Technically, this film heralds much more interest and has been restored by the UCLA Film & Television Archives, where most of the film takes place in a single location, an outrageously upscale New York City apartment with a winding staircase up multiple floors and a magnificent terrace view of the Brooklyn Bridge.  While the marriage is held together by artificial manners and social grace (separate bedrooms, of course), all a smokescreen to cover up his lustful desires, the film instead follows the nearly always embarrassing behavior of Colbert who finds herself mysteriously on a train without remembering how she got on, causing a great deal of panic, as if she’d been kidnapped by an international espionage ring.  But no, it’s not that kind of movie, it’s just a simple mistake, quite common the film would have us believe, as she has a tendency to sleepwalk, often awaking in awkward situations.  Her husband calms her down with a sedative, finds her a psychiatrist, and has her believing she suffers from nightmares and hallucinations, seeing things that aren’t there, where she’s literally losing her mind.  Colbert’s glamorous outfits, by the way, are off the charts and ultra chic in black and white, and also she has her own indoor greenhouse where she hides herself, which she calls her jungle. But it’s her drunken enthusiasm and slurring speech that keeps her from being taken seriously, as she always appears tilted off center, incapable of rescuing herself, making this another damsel in distress movie.     
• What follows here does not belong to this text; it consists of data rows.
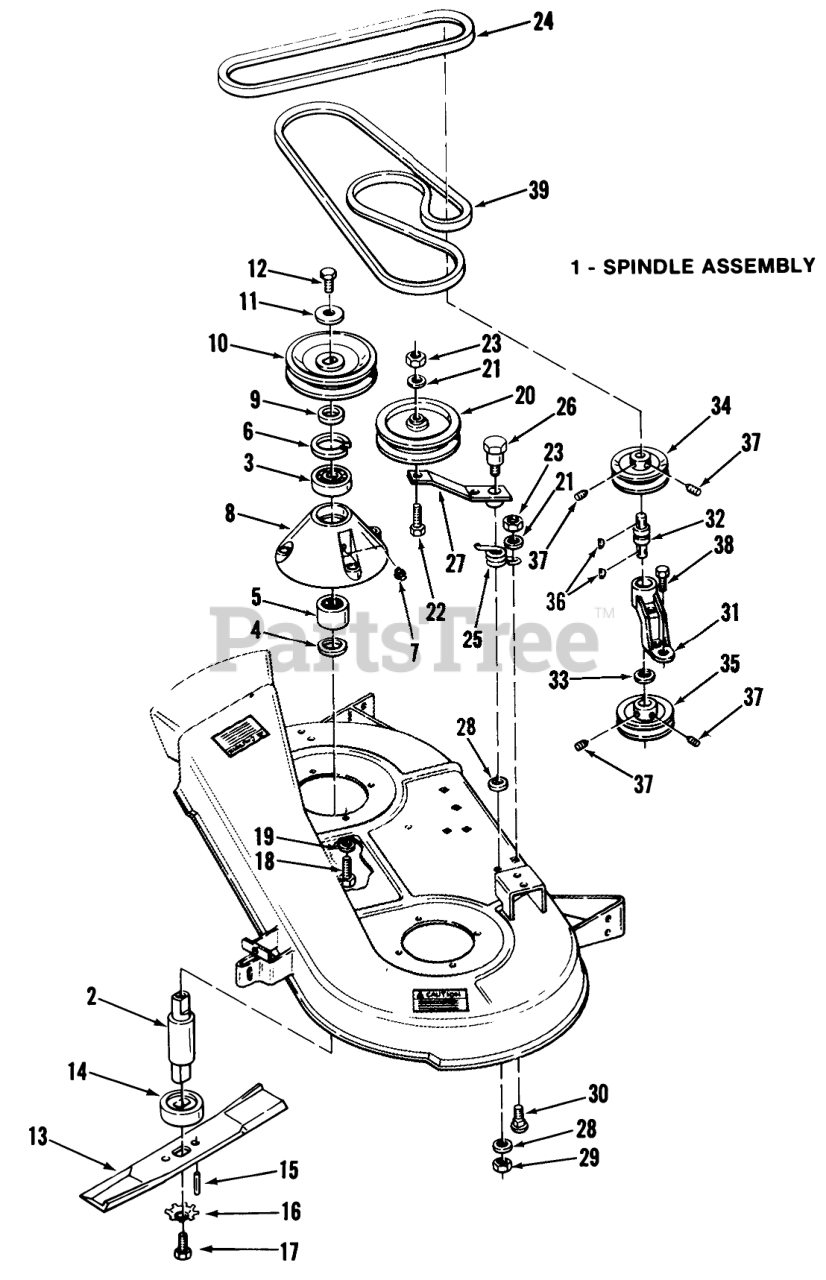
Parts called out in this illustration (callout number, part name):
1	Spindle Assembly (Includes Items 2 Thru 8)
2	SPINDLE MOWER
3	BEARING-BALL
4	OIL SEAL
5	BEARING-NEEDLE
6	INT SNAP RING
7	Fitting-Grease
8	HOUSING
9	SPACER
10	PULLEY-BLADE
11	WASHER
12	Bolt
13	S/A BLADE KIT
14	Spindle Cup
15	SPIROL ROLL PIN
16	WASHER
17	Bolt
18	Bolt
19	LOCKWASHER
20	Idler Pulley
21	Washer
22	Bolt
23	Nut
24	V-BELT
25	SPRING-TORSION
26	BOLT-SHOULDER
27	Idler Arm
28	WASHER
29	Hex Nut 7/16-14
30	Bolt
31	HOUSING DRIVE BRG R
32	BEARING-INT SHAFT
33	Snap Ring
34	PULLEY
35	PULLEY-SPLIT
36	KEY-WOODRUFF
37	Set Screw
38	Bolt
39	BELT-V MOWER
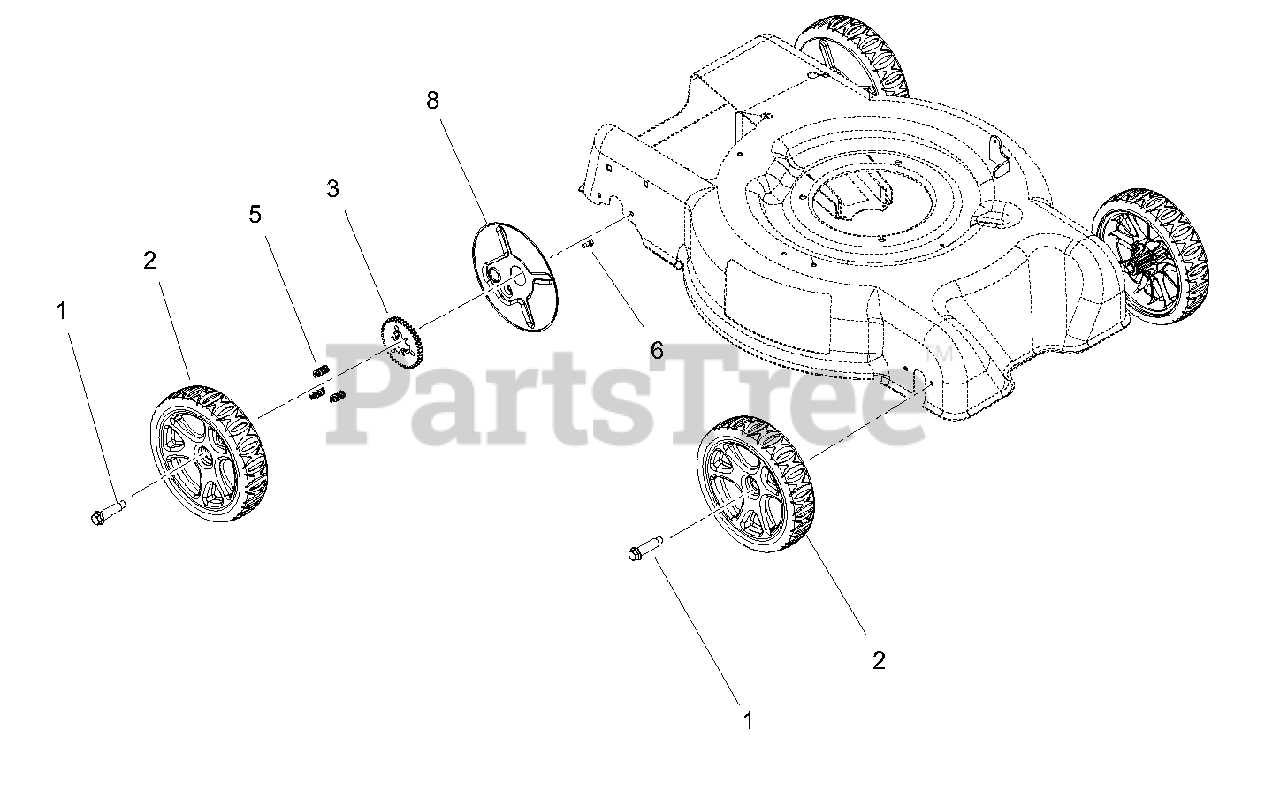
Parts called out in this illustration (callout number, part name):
1	BOLT, WHEEL SHOULDER
2	WHEEL-8.5" WBLM ASSY
3	GEAR, WHEEL
5	SCR-TAP 12-14X.75PLSTITE @BLZC
6	@SCR-TAP .25-20X.37 HWH YWZ TR
8	COVER, WHEEL-ARIENS LM SPECIAL

Enter TV’s Love That Bob (1955 – 59), Robert Cummings, another smooth talking, out of town friend who has desires of sweeping her off her feet until he discovers she’s already married, but makes sure she returns safely home before realizing afterwards that the husband’s explanation was suspect.  Everything becomes a puzzle that involves an entrenched police detective (Raymond Burr), a murderous husband (Ameche), an unsuspecting wife (Colbert), a femme fatale (Brooks), a blackmailing photographer who disguises himself as a psychiatrist (George Coulouris), the overly inquisitive friend (Cummings), and a couple of unsuspecting household servants who add luster to the lifestyle of a playboy millionaire who’s living off his wife’s fortune.  There’s a ridiculous side show of a Chinese marriage, where Keye Luke, later Master Po from the Kung Fu TV series (1972 – 75), and his newlywed bride break off from their honeymoon and take a sudden interest in detective work by enthusiastically helping Cummings solve the crime.  Joseph Valentine adds some murky, highly expressionist cinematography, blending together doorways, mirrors, windows, and a dizzying staircase, featuring a fabulous set design by Howard Bristol, while Sirk attempts to create a psychologically shifting motif of wanton desire and nightmarish panic, where the ever so smooth Ameche continues to push the buttons that will drive her feverishly over the edge, a variation on a similar theme in GASLIGHT (1944), but the characters here are out of their league when it comes to masterminding a world of deception.  In someone else’s hands this is ordinary stuff, but under the direction of Sirk it’s a fascinating early work, almost cultish, where the images are a lurid style of eye candy that literally pop off the screen.